La cuestión es ahora saber si los demócratas podrán reunir suficientes republicanos para contrarrestar el veto a la SCHIP. Aunque nunca estuvieron tan cerca de lograrlo, parece difícil que alcancen en la Cámara de Representantes los dos tercios de los votos necesarios. La Casa Blanca tuvo que defenderse de la oposición, que la criticó por negar a ampliar la cobertura sanitaria infantil, cuando está destinando cientos de miles de millones de dólares a la impopular guerra en Irak.
«Eso es como mezclar naranjas y manzanas», dijo al respecto la portavoz de la Casa Blanca, Dana Perino, quien aseguró que «la primera y principal responsabilidad del presidente es lograr que los estadounidenses estén seguros, y eso incluye a los niños».
En declaraciones a la prensa, Perino se quejó de que los demócratas tramitaron un proyecto de ley a sabiendas de que nacía muerto, y mostró su esperanza en que la Casa Blanca y los legisladores se sienten a negociar.

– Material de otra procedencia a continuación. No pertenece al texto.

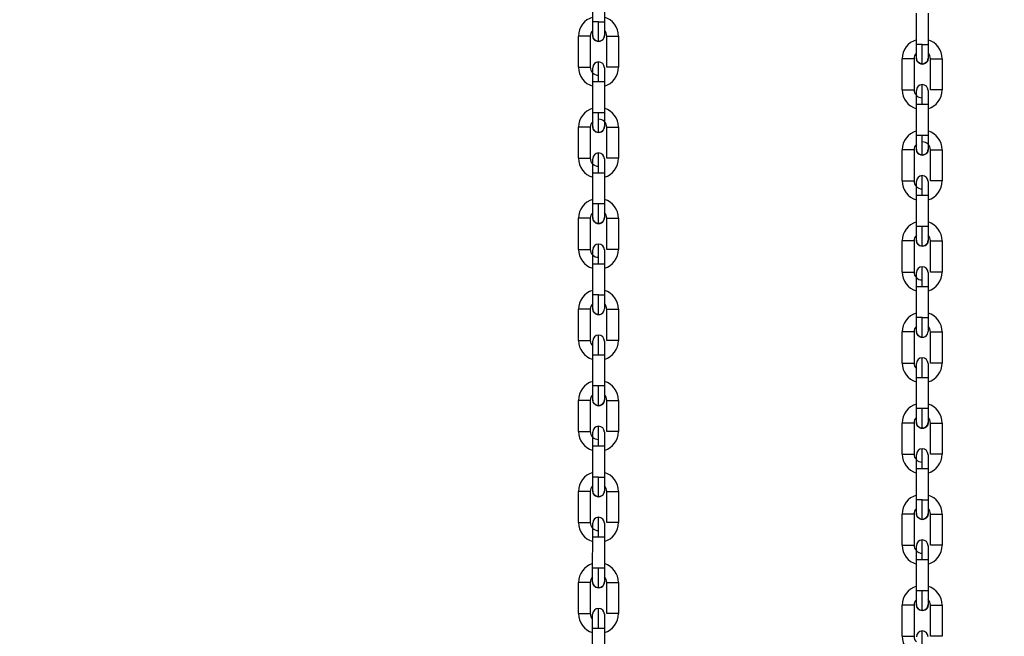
# Model space of a CAD drawing. Header units: inches. Extents: x 170 to 288, y 234 to 248.
# Tile 315 of 480: x 234.518 to 234.957, y 241.967 to 242.242. Entities that reach past the tile are written whole.
import ezdxf

# ---------------------------------------------------------------- set-up
doc = ezdxf.new("R2010")
doc.units = ezdxf.units.IN
doc.header["$LTSCALE"] = 0.25
doc.header["$MEASUREMENT"] = 0
doc.layers.add('ANNOTATIONS', color=1, linetype='Continuous')
doc.layers.add('STANDARD Z GUIDE MOTOR LH', color=7, linetype='Continuous')
doc.styles.add('ARIAL', font='arial.ttf', dxfattribs={"height": 0.09375})
doc.dimstyles.new('STANDARD$0', dxfattribs={"dimtxt": 0.09375, "dimasz": 0.09375, "dimexe": 0.03125, "dimexo": 0.046875, "dimgap": 0.09, "dimtad": 0, "dimtih": 1, "dimtoh": 1, "dimdec": 4, "dimzin": 0, "dimdsep": 46, "dimtxsty": 'ARIAL', "dimcen": 0.09, "dimadec": 0, "dimazin": 0, "dimtfac": 1, "dimtdec": 4, "dimtofl": 0, "dimtmove": 0, "dimatfit": 1, "dimfxl": 1, "dimtolj": 1, "dimtzin": 0, "dimarcsym": 0})

# ---------------------------------------------------------------- blocks, each defined once
blk = doc.blocks.new('*D51')
at = {"layer": 'ANNOTATIONS', "color": 0, "lineweight": -2, "transparency": 16777216}
for p, q in [((234.1246231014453, 244.1437778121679), (235.8395596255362, 244.1437778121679)), ((235.8083096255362, 244.0500278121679), (235.8083096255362, 242.2801168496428)), ((235.8083096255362, 240.2331944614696), (235.8083096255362, 242.0031054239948)), ((234.5308731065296, 240.1394444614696), (235.8395596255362, 240.1394444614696))]:
    blk.add_line(p, q, dxfattribs=at)
at = {"layer": 'ANNOTATIONS', "color": 0, "transparency": 16777216}
for points in [[(235.7926846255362, 244.0500278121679), (235.8239346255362, 244.0500278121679), (235.8083096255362, 244.1437778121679)], [(235.7926846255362, 240.2331944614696), (235.8239346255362, 240.2331944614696), (235.8083096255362, 240.1394444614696)]]:
    blk.add_solid(points, dxfattribs=at)
at = {"layer": 'defpoints', "color": 0, "transparency": 16777216}
for p in [(234.0777481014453, 244.1437778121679), (235.8083096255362, 244.1437778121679), (234.4839981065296, 240.1394444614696)]:
    blk.add_point(p, dxfattribs=at)
at = {"layer": 'ANNOTATIONS', "color": 0, "transparency": 16777216, "insert": (235.8083096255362, 242.1416111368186), "char_height": 0.09375, "attachment_point": 5, "style": 'ARIAL'}
blk.add_mtext('\\A1;OPENING HEIGHT', dxfattribs=at)

msp = doc.modelspace()

# ---------------------------------------------------------------- linework, layer by layer
at = {"layer": 'STANDARD Z GUIDE MOTOR LH'}
for p, q in [((234.7735063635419, 242.241382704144), (234.7735066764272, 242.2552934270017)), ((234.778755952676, 242.2552934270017), (234.778755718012, 242.2413825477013)), ((234.9180977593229, 242.2312756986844), (234.9180980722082, 242.2451864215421)), ((234.923347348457, 242.2451864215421), (234.923347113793, 242.2312755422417)), ((234.7761310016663, 242.241382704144), (234.7735063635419, 242.241382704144)), ((234.7672067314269, 242.2210520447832), (234.7672070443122, 242.2349627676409)), ((234.772456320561, 242.2349626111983), (234.772456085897, 242.2210518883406)), ((234.7798051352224, 242.2210517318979), (234.7798054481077, 242.2349624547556)), ((234.7850548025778, 242.2349624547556), (234.7850544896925, 242.2210517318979)), ((234.9207223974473, 242.2312756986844), (234.9180977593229, 242.2312756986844)), ((234.9117981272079, 242.2109450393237), (234.9117984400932, 242.2248557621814)), ((234.917047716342, 242.2248556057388), (234.917047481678, 242.2109448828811)), ((234.9243965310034, 242.2109447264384), (234.9243968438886, 242.2248554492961)), ((234.9296461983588, 242.2248554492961), (234.9296458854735, 242.2109447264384)), ((234.7850544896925, 242.2210517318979), (234.7798051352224, 242.2210517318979)), ((234.7735055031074, 242.2007212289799), (234.7735058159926, 242.2146321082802)), ((234.7735058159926, 242.2146321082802), (234.7761304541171, 242.2146321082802)), ((234.7787551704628, 242.2146319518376), (234.7787548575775, 242.2007212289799)), ((234.9296458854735, 242.2109447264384), (234.9243965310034, 242.2109447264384)), ((234.9180968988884, 242.1906142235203), (234.9180972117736, 242.2045251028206)), ((234.9180972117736, 242.2045251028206), (234.9207218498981, 242.2045251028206)), ((234.9233465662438, 242.204524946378), (234.9233462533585, 242.1906142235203)), ((234.7787548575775, 242.2007212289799), (234.7735055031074, 242.2007212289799)), ((234.7672058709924, 242.1803905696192), (234.7672061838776, 242.1943014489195)), ((234.7724555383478, 242.1943012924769), (234.7724552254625, 242.1803905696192)), ((234.7798043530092, 242.1803904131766), (234.7798045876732, 242.1943011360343)), ((234.7850539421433, 242.1943009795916), (234.785053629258, 242.1803902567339)), ((234.9233462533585, 242.1906142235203), (234.9180968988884, 242.1906142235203)), ((234.9117972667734, 242.1702835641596), (234.9117975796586, 242.1841944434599)), ((234.9170469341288, 242.1841942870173), (234.9170466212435, 242.1702835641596)), ((234.9243957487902, 242.170283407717), (234.9243959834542, 242.1841941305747)), ((234.9296453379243, 242.184193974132), (234.929645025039, 242.1702832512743)), ((234.7672058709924, 242.1803905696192), (234.7724552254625, 242.1803905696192)), ((234.7735047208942, 242.1600599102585), (234.7735049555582, 242.1739706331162)), ((234.7735049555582, 242.1739706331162), (234.7779855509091, 242.1739706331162)), ((234.7787543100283, 242.1739704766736), (234.7787540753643, 242.1600597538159)), ((234.9117972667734, 242.1702835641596), (234.9170466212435, 242.1702835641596)), ((234.9180961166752, 242.1499529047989), (234.9180963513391, 242.1638636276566)), ((234.9180963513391, 242.1638636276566), (234.92257694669, 242.1638636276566)), ((234.9233457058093, 242.163863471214), (234.9233454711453, 242.1499527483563)), ((234.7771337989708, 242.1600599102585), (234.7735047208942, 242.1600599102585)), ((234.7672050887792, 242.1397292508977), (234.7672053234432, 242.1536399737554)), ((234.7724546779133, 242.1536398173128), (234.7724544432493, 242.1397290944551)), ((234.7798034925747, 242.1397289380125), (234.77980380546, 242.1536396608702)), ((234.77980380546, 242.1536396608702), (234.7850530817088, 242.1536396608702)), ((234.7850530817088, 242.1536396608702), (234.7850528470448, 242.1397287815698)), ((234.9217251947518, 242.1499529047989), (234.9180961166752, 242.1499529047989)), ((234.9117964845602, 242.1296222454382), (234.9117967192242, 242.1435329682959)), ((234.9170460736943, 242.1435328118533), (234.9170458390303, 242.1296220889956)), ((234.9243948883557, 242.1296219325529), (234.924395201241, 242.1435326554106)), ((234.924395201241, 242.1435326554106), (234.9296444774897, 242.1435326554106)), ((234.9296444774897, 242.1435326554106), (234.9296442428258, 242.1296217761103)), ((234.7735038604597, 242.1193984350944), (234.773504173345, 242.1333091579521)), ((234.773504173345, 242.1333091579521), (234.7787535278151, 242.1333091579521)), ((234.7787535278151, 242.1333091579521), (234.7787532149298, 242.1193982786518)), ((234.9180952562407, 242.1092914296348), (234.918095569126, 242.1232021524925)), ((234.918095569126, 242.1232021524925), (234.9233449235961, 242.1232021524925)), ((234.9233449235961, 242.1232021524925), (234.9233446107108, 242.1092912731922)), ((234.7761284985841, 242.1193984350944), (234.7735038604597, 242.1193984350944)), ((234.7761284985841, 242.1193984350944), (234.7787532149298, 242.1193982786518)), ((234.7672042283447, 242.0990677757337), (234.76720454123, 242.1129784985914)), ((234.7724538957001, 242.1129784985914), (234.76720454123, 242.1129784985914)), ((234.7724538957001, 242.1129784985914), (234.7724535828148, 242.0990676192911)), ((234.7798026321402, 242.0990674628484), (234.7798029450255, 242.1129783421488)), ((234.7850522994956, 242.1129781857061), (234.7850519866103, 242.0990674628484)), ((234.9207198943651, 242.1092914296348), (234.9180952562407, 242.1092914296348)), ((234.9207198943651, 242.1092914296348), (234.9233446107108, 242.1092912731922)), ((234.9117956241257, 242.0889607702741), (234.911795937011, 242.1028714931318)), ((234.9170452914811, 242.1028714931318), (234.911795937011, 242.1028714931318)), ((234.9170452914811, 242.1028714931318), (234.9170449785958, 242.0889606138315)), ((234.9243940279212, 242.0889604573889), (234.9243943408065, 242.1028713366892)), ((234.9296436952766, 242.1028711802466), (234.9296433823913, 242.0889604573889)), ((234.7735030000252, 242.078737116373), (234.7735033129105, 242.0926478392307)), ((234.7735033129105, 242.0926478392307), (234.777132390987, 242.0926478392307)), ((234.7787526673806, 242.0926476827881), (234.7787523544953, 242.0787369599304)), ((234.9180943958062, 242.0686301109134), (234.9180947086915, 242.0825408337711)), ((234.9180947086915, 242.0825408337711), (234.921723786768, 242.0825408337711)), ((234.9233440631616, 242.0825406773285), (234.9233437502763, 242.0686299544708)), ((234.7787523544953, 242.0787369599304), (234.7761277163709, 242.0787369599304)), ((234.7672033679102, 242.0584063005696), (234.7672036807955, 242.07231717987)), ((234.7724530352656, 242.0723170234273), (234.7724527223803, 242.0584063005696)), ((234.779801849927, 242.058406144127), (234.779802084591, 242.0723168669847)), ((234.7850514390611, 242.0723167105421), (234.7850512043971, 242.0584059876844)), ((234.9233437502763, 242.0686299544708), (234.9207191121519, 242.0686299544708)), ((234.9117947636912, 242.0482992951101), (234.9117950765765, 242.0622101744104)), ((234.9170444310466, 242.0622100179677), (234.9170441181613, 242.0482992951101)), ((234.924393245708, 242.0482991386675), (234.9243934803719, 242.0622098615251)), ((234.9296428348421, 242.0622097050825), (234.9296426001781, 242.0482989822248)), ((234.773502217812, 242.0380756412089), (234.773502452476, 242.0519863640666)), ((234.773502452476, 242.0519863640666), (234.7787518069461, 242.0519863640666)), ((234.7787518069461, 242.0519863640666), (234.7787515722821, 242.0380754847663)), ((234.918093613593, 242.0279686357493), (234.9180938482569, 242.041879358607)), ((234.9180938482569, 242.041879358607), (234.9233432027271, 242.041879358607)), ((234.9233432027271, 242.041879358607), (234.9233429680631, 242.0279684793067)), ((234.7761268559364, 242.0380756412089), (234.773502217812, 242.0380756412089)), ((234.767202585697, 242.0177449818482), (234.7672028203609, 242.0316557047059)), ((234.7724521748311, 242.0316555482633), (234.7724519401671, 242.0177448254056)), ((234.7798009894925, 242.017744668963), (234.7798013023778, 242.0316555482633)), ((234.7850506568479, 242.0316553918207), (234.7850503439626, 242.017744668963)), ((234.9207182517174, 242.0279686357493), (234.918093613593, 242.0279686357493)), ((234.911793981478, 242.0076379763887), (234.9117942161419, 242.0215486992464)), ((234.9170435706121, 242.0215485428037), (234.9170433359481, 242.007637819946)), ((234.9243923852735, 242.0076376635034), (234.9243926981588, 242.0215485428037)), ((234.9296420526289, 242.0215483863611), (234.9296417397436, 242.0076376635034)), ((234.7850503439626, 242.017744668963), (234.7798009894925, 242.017744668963)), ((234.7735013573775, 241.9974141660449), (234.7735016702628, 242.0113250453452)), ((234.7735016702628, 242.0113250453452), (234.7761263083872, 242.0113250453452)), ((234.7787510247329, 242.0113248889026), (234.7787507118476, 241.9974141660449)), ((234.9296417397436, 242.0076376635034), (234.9243923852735, 242.0076376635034)), ((234.9180927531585, 241.9873071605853), (234.9180930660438, 242.0012180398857)), ((234.9180930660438, 242.0012180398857), (234.9207177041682, 242.0012180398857)), ((234.9233424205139, 242.001217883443), (234.9233421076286, 241.9873071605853)), ((234.7787507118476, 241.9974141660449), (234.7735013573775, 241.9974141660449)), ((234.7672017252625, 241.9770835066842), (234.7672020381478, 241.9909943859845)), ((234.7724513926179, 241.9909942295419), (234.7724510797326, 241.9770835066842)), ((234.7798002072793, 241.9770833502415), (234.7798004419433, 241.9909940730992)), ((234.7850497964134, 241.9909939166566), (234.7850494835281, 241.9770831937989)), ((234.9233421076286, 241.9873071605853), (234.9180927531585, 241.9873071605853)), ((234.7672017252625, 241.9770835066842), (234.7724510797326, 241.9770835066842)), ((234.9117931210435, 241.9669765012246), (234.9117934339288, 241.9808873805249)), ((234.9170427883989, 241.9808872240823), (234.9170424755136, 241.9669765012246)), ((234.9243916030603, 241.966976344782), (234.9243918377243, 241.9808870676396)), ((234.9296411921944, 241.980886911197), (234.9296408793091, 241.9669761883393)), ((234.7735005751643, 241.9567528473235), (234.7735008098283, 241.9706635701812)), ((234.7735008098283, 241.9706635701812), (234.7779814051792, 241.9706635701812)), ((234.7787501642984, 241.9706634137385), (234.7787498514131, 241.9567526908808)), ((234.9117931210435, 241.9669765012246), (234.9170424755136, 241.9669765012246))]:
    msp.add_line(p, q, dxfattribs=at)
at = {"layer": 'STANDARD Z GUIDE MOTOR LH', "flags": 128}
for points in [[(234.7735062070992, 242.2352146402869), (234.7735062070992, 242.2356841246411), (234.7735062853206, 242.2362542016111), (234.7735062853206, 242.2390222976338), (234.7735063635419, 242.2401793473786), (234.7735063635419, 242.241382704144)], [(234.7761308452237, 242.2325898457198), (234.7761308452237, 242.2340718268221), (234.776130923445, 242.2351653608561), (234.776130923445, 242.2380179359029), (234.7761310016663, 242.239667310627), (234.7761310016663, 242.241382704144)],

Este veto es el cuarto que impone Bush desde que accedió a la presidencia hace siete años, si bien pasó los primeros cinco años y medio de su administración -con mayoría republicana en el Congresosin ejercer este poder ni una sola vez. Dos de los tres vetos anteriores de Bush estaban relacionados con la dotación de fondos para la investigación con células madre, en tanto que el tercero estaba vinculado a los presupuestos de la guerra de Irak.
El anterior caso de un mandatario que pasó un mandato entero sin vetar ni una sola ley es el de John Quincy Adams, que presidió el país entre 1825 y 1829.